K-fold cross validation approach involves randomly dividing the set of observations into k groups, or folds, of approximately equal size. The first fold is treated as a validation set, and the method is fit on the remaining k − 1 folds. The mean squared error, MSE1, is then computed on the observations in the held-out fold. This procedure is repeated k times; each time, a different group of observations is treated as a validation set. The K-fold CV estimate is calculated by averaging all the k MSE’s.

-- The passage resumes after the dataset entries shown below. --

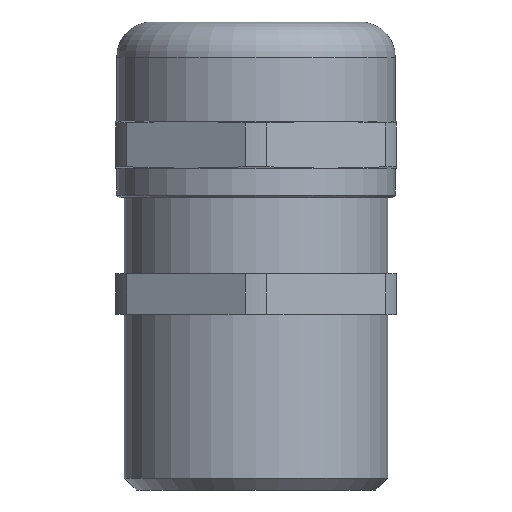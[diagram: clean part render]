
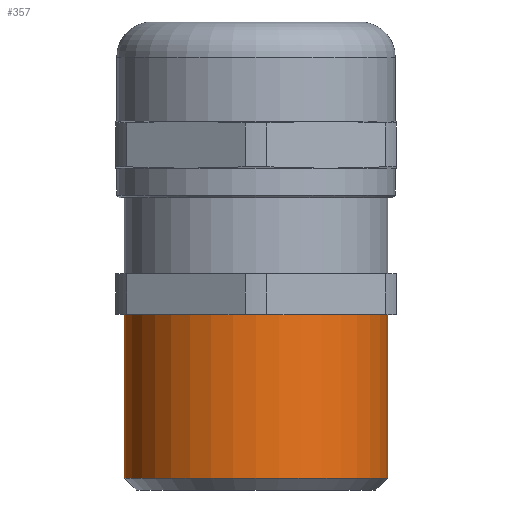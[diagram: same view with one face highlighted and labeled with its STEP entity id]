
A CAD part, front view. The second image highlights one B-rep face of the part: STEP entity #357.
In plain terms, the highlighted cylindrical face has radius 11.25 mm (diameter 22.5 mm), a partial arc.
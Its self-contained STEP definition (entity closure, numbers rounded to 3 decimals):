
#48 = VERTEX_POINT ( 'NONE', #1193 ) ;
#53 = VERTEX_POINT ( 'NONE', #1182 ) ;
#70 = VERTEX_POINT ( 'NONE', #1146 ) ;
#74 = VERTEX_POINT ( 'NONE', #1144 ) ;
#80 = EDGE_CURVE ( 'NONE', #74, #48, #1134, .T. ) ;
#134 = EDGE_CURVE ( 'NONE', #53, #70, #1299, .T. ) ;
#347 = ORIENTED_EDGE ( 'NONE', *, *, #80, .F. ) ;
#348 = ORIENTED_EDGE ( 'NONE', *, *, #349, .T. ) ;
#349 = EDGE_CURVE ( 'NONE', #74, #53, #1484, .T. ) ;
#350 = ORIENTED_EDGE ( 'NONE', *, *, #134, .T. ) ;
#351 = ORIENTED_EDGE ( 'NONE', *, *, #356, .F. ) ;
#356 = EDGE_CURVE ( 'NONE', #48, #70, #1769, .T. ) ;
#357 = ADVANCED_FACE ( 'NONE', ( #1765 ), #1764, .T. ) ;
#358 = EDGE_LOOP ( 'NONE', ( #347, #348, #350, #351 ) ) ;
#1127 = DIRECTION ( 'NONE',  ( 0., 0., -1. ) ) ;
#1128 = VECTOR ( 'NONE', #1127, 1000. ) ;
#1129 = CARTESIAN_POINT ( 'NONE',  ( 11.25, 0., 0. ) ) ;
#1134 = LINE ( 'NONE', #1129, #1128 ) ;
#1144 = CARTESIAN_POINT ( 'NONE',  ( 11.25, 0., 15. ) ) ;
#1146 = CARTESIAN_POINT ( 'NONE',  ( -11.25, 0., 1. ) ) ;
#1182 = CARTESIAN_POINT ( 'NONE',  ( -11.25, 0., 15. ) ) ;
#1193 = CARTESIAN_POINT ( 'NONE',  ( 11.25, 0., 1. ) ) ;
#1296 = DIRECTION ( 'NONE',  ( 0., 0., -1. ) ) ;
#1297 = VECTOR ( 'NONE', #1296, 1000. ) ;
#1298 = CARTESIAN_POINT ( 'NONE',  ( -11.25, 0., 0. ) ) ;
#1299 = LINE ( 'NONE', #1298, #1297 ) ;
#1480 = DIRECTION ( 'NONE',  ( -1., 0., 0. ) ) ;
#1481 = DIRECTION ( 'NONE',  ( 0., 0., -1. ) ) ;
#1482 = CARTESIAN_POINT ( 'NONE',  ( 0., 0., 15. ) ) ;
#1483 = AXIS2_PLACEMENT_3D ( 'NONE', #1482, #1481, #1480 ) ;
#1484 = CIRCLE ( 'NONE', #1483, 11.25 ) ;
#1708 = CARTESIAN_POINT ( 'NONE',  ( 0., 0., 1. ) ) ;
#1759 = DIRECTION ( 'NONE',  ( -1., 0., 0. ) ) ;
#1760 = DIRECTION ( 'NONE',  ( 0., 0., -1. ) ) ;
#1761 = CARTESIAN_POINT ( 'NONE',  ( 0., 0., 0. ) ) ;
#1762 = AXIS2_PLACEMENT_3D ( 'NONE', #1761, #1760, #1759 ) ;
#1764 = CYLINDRICAL_SURFACE ( 'NONE', #1762, 11.25 ) ;
#1765 = FACE_OUTER_BOUND ( 'NONE', #358, .T. ) ;
#1766 = DIRECTION ( 'NONE',  ( -1., 0., 0. ) ) ;
#1767 = DIRECTION ( 'NONE',  ( 0., 0., -1. ) ) ;
#1768 = AXIS2_PLACEMENT_3D ( 'NONE', #1708, #1767, #1766 ) ;
#1769 = CIRCLE ( 'NONE', #1768, 11.25 ) ;

(b) What are the advantages and disadvantages of k-fold cross-validation relative to: i. The validation set approach? ii. LOOCV? K-fold cross validation approach is more stable in estimating mean square error than validation set approach. the MSE calculated from different sets of data in validation set method differ greatly among themselves. On the other hand, LOOCV generates stable MSE estimates but it more computationally expensive than k-fold as it fits the model n times (total no of data points) and is is much evident in higher order and complex fits of model.

Question 5

5. In Chapter 4, we used logistic regression to predict the probability of default using income and balance on the Default data set. We will now estimate the test error of this logistic regression model using the validation set approach. Do not forget to set a random seed before beginning your analysis.

(a) Fit a logistic regression model that uses income and balance to predict default.

attach(Default)

default.glm.fit = glm(default ~ income + balance, data = Default, family = "binomial")

(b) Using the validation set approach, estimate the test error of this model. In order to do this, you must perform the following steps:

i. Split the sample set into a training set and a validation set.

set.seed(1)
train = sample(nrow(Default), 0.8*nrow(Default))

ii. Fit a multiple logistic regression model using only the training observations.

default.glm.fit2 = glm(default ~ income + balance, data = Default, subset = train, family = "binomial")

iii. Obtain a prediction of default status for each individual in the validation set by computing the posterior probability of default for that individual, and classifying the individual to the default category if the posterior probability is greater than 0.5.

glm.fit2.pred = predict(default.glm.fit2, newdata = Default[-train,], type = 'response')
glm.fit2.class = ifelse(glm.fit2.pred > 0.5,'Yes','No')

iv. Compute the validation set error, which is the fraction of the observations in the validation set that are misclassified.

mean(Default$default[-train] != glm.fit2.class)

## [1] 0.026

The validation set error, i.e, fraction of observations that are misclassified is 2.6% when using 80-20 spilt, 80% of data for training and 20% for testing.

(c) Repeat the process in (b) three times, using three different splits of the observations into a training set and a validation set. Comment on the results obtained.

70-30 split

set.seed(1)
train = sample(nrow(Default), 0.7*nrow(Default))
default.glm.fit3 = glm(default ~ income + balance, data = Default, subset = train, family = "binomial")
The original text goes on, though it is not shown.